> **TASK ITEM**:
Of the entries below, return only those lines from the line with "#26509=DIRECTION('',(-1.,0.,0.));" to the line with "#26531=AXIS2_PLACEMENT_3D('',#26528,#26529,#26530);", exactly, both included.

> **RECORDS TO PROCESS**:
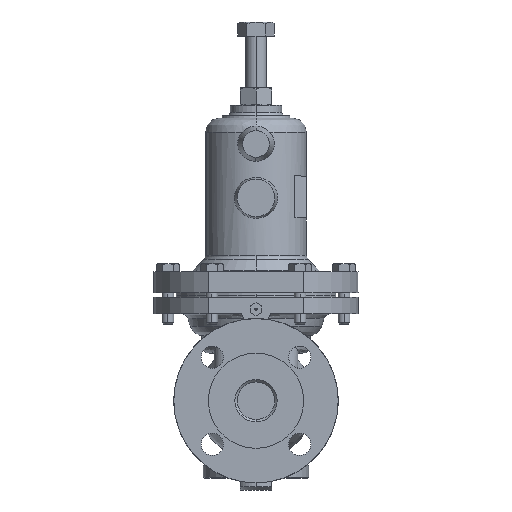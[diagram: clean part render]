
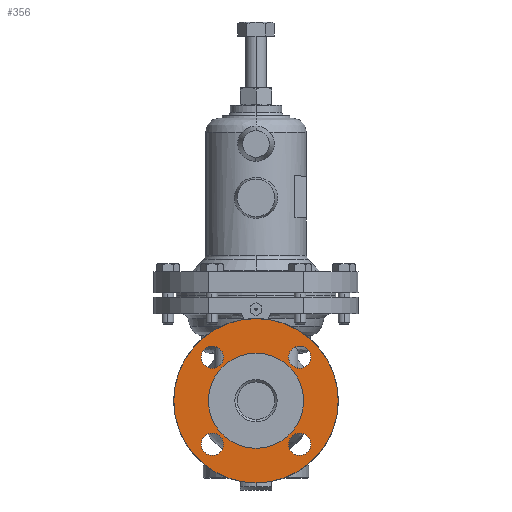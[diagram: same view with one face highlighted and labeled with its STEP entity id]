
A CAD part, left-side view. The second image highlights one B-rep face of the part: STEP entity #356.
In plain terms, the highlighted planar face has unit normal (-1, 0, 0).
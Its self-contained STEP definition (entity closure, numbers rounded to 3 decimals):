
#356=ADVANCED_FACE('',(#2739,#2740,#2741,#2742,#2743,#2744),#2738,.F.);
#2738=PLANE('',#7922);
#2739=FACE_OUTER_BOUND('',#7923,.T.);
#2740=FACE_BOUND('',#7924,.T.);
#2741=FACE_BOUND('',#7925,.T.);
#2742=FACE_BOUND('',#7926,.T.);
#2743=FACE_BOUND('',#7927,.T.);
#2744=FACE_BOUND('',#7928,.T.);
#7919=CARTESIAN_POINT('',(-95.5,-131.244,80.));
#7920=DIRECTION('',(1.,0.,0.));
#7921=DIRECTION('',(0.,0.,-1.));
#7922=AXIS2_PLACEMENT_3D('',#7919,#7920,#7921);
#7923=EDGE_LOOP('',(#11344,#11345));
#7924=EDGE_LOOP('',(#11346,#11347));
#7925=EDGE_LOOP('',(#11348,#11349));
#7926=EDGE_LOOP('',(#11350,#11351));
#7927=EDGE_LOOP('',(#11352,#11353));
#7928=EDGE_LOOP('',(#11354,#11355));
#11344=ORIENTED_EDGE('',*,*,#13387,.T.);
#11345=ORIENTED_EDGE('',*,*,#13388,.T.);
#11346=ORIENTED_EDGE('',*,*,#13389,.F.);
#11347=ORIENTED_EDGE('',*,*,#13390,.F.);
#11348=ORIENTED_EDGE('',*,*,#13391,.F.);
#11349=ORIENTED_EDGE('',*,*,#13392,.F.);
#11350=ORIENTED_EDGE('',*,*,#13393,.F.);
#11351=ORIENTED_EDGE('',*,*,#13394,.F.);
#11352=ORIENTED_EDGE('',*,*,#13395,.F.);
#11353=ORIENTED_EDGE('',*,*,#13396,.F.);
#11354=ORIENTED_EDGE('',*,*,#13397,.F.);
#11355=ORIENTED_EDGE('',*,*,#13398,.F.);
#13387=EDGE_CURVE('',#18125,#18126,#18127,.T.);
#13388=EDGE_CURVE('',#18126,#18125,#18133,.T.);
#13389=EDGE_CURVE('',#18139,#18140,#18141,.T.);
#13390=EDGE_CURVE('',#18140,#18139,#18147,.T.);
#13391=EDGE_CURVE('',#18153,#18154,#18155,.T.);
#13392=EDGE_CURVE('',#18154,#18153,#18161,.T.);
#13393=EDGE_CURVE('',#18167,#18168,#18169,.T.);
#13394=EDGE_CURVE('',#18168,#18167,#18175,.T.);
#13395=EDGE_CURVE('',#18181,#18182,#18183,.T.);
#13396=EDGE_CURVE('',#18182,#18181,#18189,.T.);
#13397=EDGE_CURVE('',#18195,#18196,#18197,.T.);
#13398=EDGE_CURVE('',#18196,#18195,#18203,.T.);
#18125=VERTEX_POINT('',#26482);
#18126=VERTEX_POINT('',#26483);
#18127=CIRCLE('',#26487,70.);
#18133=CIRCLE('',#26491,70.);
#18139=VERTEX_POINT('',#26492);
#18140=VERTEX_POINT('',#26493);
#18141=CIRCLE('',#26497,9.5);
#18147=CIRCLE('',#26501,9.5);
#18153=VERTEX_POINT('',#26502);
#18154=VERTEX_POINT('',#26503);
#18155=CIRCLE('',#26507,40.5);
#18161=CIRCLE('',#26511,40.5);
#18167=VERTEX_POINT('',#26512);
#18168=VERTEX_POINT('',#26513);
#18169=CIRCLE('',#26517,9.5);
#18175=CIRCLE('',#26521,9.5);
#18181=VERTEX_POINT('',#26522);
#18182=VERTEX_POINT('',#26523);
#18183=CIRCLE('',#26527,9.5);
#18189=CIRCLE('',#26531,9.5);
#18195=VERTEX_POINT('',#26532);
#18196=VERTEX_POINT('',#26533);
#18197=CIRCLE('',#26537,9.5);
#18203=CIRCLE('',#26541,9.5);
#26482=CARTESIAN_POINT('',(-95.5,0.,70.));
#26483=CARTESIAN_POINT('',(-95.5,0.,-70.));
#26484=CARTESIAN_POINT('',(-95.5,0.,0.));
#26485=DIRECTION('',(-1.,0.,0.));
#26486=DIRECTION('',(0.,0.,1.));
#26487=AXIS2_PLACEMENT_3D('',#26484,#26485,#26486);
#26488=CARTESIAN_POINT('',(-95.5,0.,0.));
#26489=DIRECTION('',(-1.,0.,0.));
#26490=DIRECTION('',(0.,0.,1.));
#26491=AXIS2_PLACEMENT_3D('',#26488,#26489,#26490);
#26492=CARTESIAN_POINT('',(-95.5,37.123,-27.623));
#26493=CARTESIAN_POINT('',(-95.5,37.123,-46.623));
#26494=CARTESIAN_POINT('',(-95.5,37.123,-37.123));
#26495=DIRECTION('',(-1.,0.,0.));
#26496=DIRECTION('',(0.,0.,-1.));
#26497=AXIS2_PLACEMENT_3D('',#26494,#26495,#26496);
#26498=CARTESIAN_POINT('',(-95.5,37.123,-37.123));
#26499=DIRECTION('',(-1.,0.,0.));
#26500=DIRECTION('',(0.,0.,-1.));
#26501=AXIS2_PLACEMENT_3D('',#26498,#26499,#26500);
#26502=CARTESIAN_POINT('',(-95.5,0.,-40.5));
#26503=CARTESIAN_POINT('',(-95.5,0.,40.5));
#26504=CARTESIAN_POINT('',(-95.5,0.,0.));
#26505=DIRECTION('',(-1.,0.,0.));
#26506=DIRECTION('',(0.,0.,1.));
#26507=AXIS2_PLACEMENT_3D('',#26504,#26505,#26506);
#26508=CARTESIAN_POINT('',(-95.5,0.,0.));
#26509=DIRECTION('',(-1.,0.,0.));
#26510=DIRECTION('',(0.,0.,1.));
#26511=AXIS2_PLACEMENT_3D('',#26508,#26509,#26510);
#26512=CARTESIAN_POINT('',(-95.5,-37.123,46.623));
#26513=CARTESIAN_POINT('',(-95.5,-37.123,27.623));
#26514=CARTESIAN_POINT('',(-95.5,-37.123,37.123));
#26515=DIRECTION('',(-1.,0.,0.));
#26516=DIRECTION('',(0.,0.,-1.));
#26517=AXIS2_PLACEMENT_3D('',#26514,#26515,#26516);
#26518=CARTESIAN_POINT('',(-95.5,-37.123,37.123));
#26519=DIRECTION('',(-1.,0.,0.));
#26520=DIRECTION('',(0.,0.,-1.));
#26521=AXIS2_PLACEMENT_3D('',#26518,#26519,#26520);
#26522=CARTESIAN_POINT('',(-95.5,37.123,46.623));
#26523=CARTESIAN_POINT('',(-95.5,37.123,27.623));
#26524=CARTESIAN_POINT('',(-95.5,37.123,37.123));
#26525=DIRECTION('',(-1.,0.,0.));
#26526=DIRECTION('',(0.,0.,-1.));
#26527=AXIS2_PLACEMENT_3D('',#26524,#26525,#26526);
#26528=CARTESIAN_POINT('',(-95.5,37.123,37.123));
#26529=DIRECTION('',(-1.,0.,0.));
#26530=DIRECTION('',(0.,0.,-1.));
#26531=AXIS2_PLACEMENT_3D('',#26528,#26529,#26530);
#26532=CARTESIAN_POINT('',(-95.5,-37.123,-27.623));
#26533=CARTESIAN_POINT('',(-95.5,-37.123,-46.623));
#26534=CARTESIAN_POINT('',(-95.5,-37.123,-37.123));
#26535=DIRECTION('',(-1.,0.,0.));
#26536=DIRECTION('',(0.,0.,-1.));
#26537=AXIS2_PLACEMENT_3D('',#26534,#26535,#26536);
#26538=CARTESIAN_POINT('',(-95.5,-37.123,-37.123));
#26539=DIRECTION('',(-1.,0.,0.));
#26540=DIRECTION('',(0.,0.,-1.));
#26541=AXIS2_PLACEMENT_3D('',#26538,#26539,#26540);

> **RESULT**:
#26509=DIRECTION('',(-1.,0.,0.));
#26510=DIRECTION('',(0.,0.,1.));
#26511=AXIS2_PLACEMENT_3D('',#26508,#26509,#26510);
#26512=CARTESIAN_POINT('',(-95.5,-37.123,46.623));
#26513=CARTESIAN_POINT('',(-95.5,-37.123,27.623));
#26514=CARTESIAN_POINT('',(-95.5,-37.123,37.123));
#26515=DIRECTION('',(-1.,0.,0.));
#26516=DIRECTION('',(0.,0.,-1.));
#26517=AXIS2_PLACEMENT_3D('',#26514,#26515,#26516);
#26518=CARTESIAN_POINT('',(-95.5,-37.123,37.123));
#26519=DIRECTION('',(-1.,0.,0.));
#26520=DIRECTION('',(0.,0.,-1.));
#26521=AXIS2_PLACEMENT_3D('',#26518,#26519,#26520);
#26522=CARTESIAN_POINT('',(-95.5,37.123,46.623));
#26523=CARTESIAN_POINT('',(-95.5,37.123,27.623));
#26524=CARTESIAN_POINT('',(-95.5,37.123,37.123));
#26525=DIRECTION('',(-1.,0.,0.));
#26526=DIRECTION('',(0.,0.,-1.));
#26527=AXIS2_PLACEMENT_3D('',#26524,#26525,#26526);
#26528=CARTESIAN_POINT('',(-95.5,37.123,37.123));
#26529=DIRECTION('',(-1.,0.,0.));
#26530=DIRECTION('',(0.,0.,-1.));
#26531=AXIS2_PLACEMENT_3D('',#26528,#26529,#26530);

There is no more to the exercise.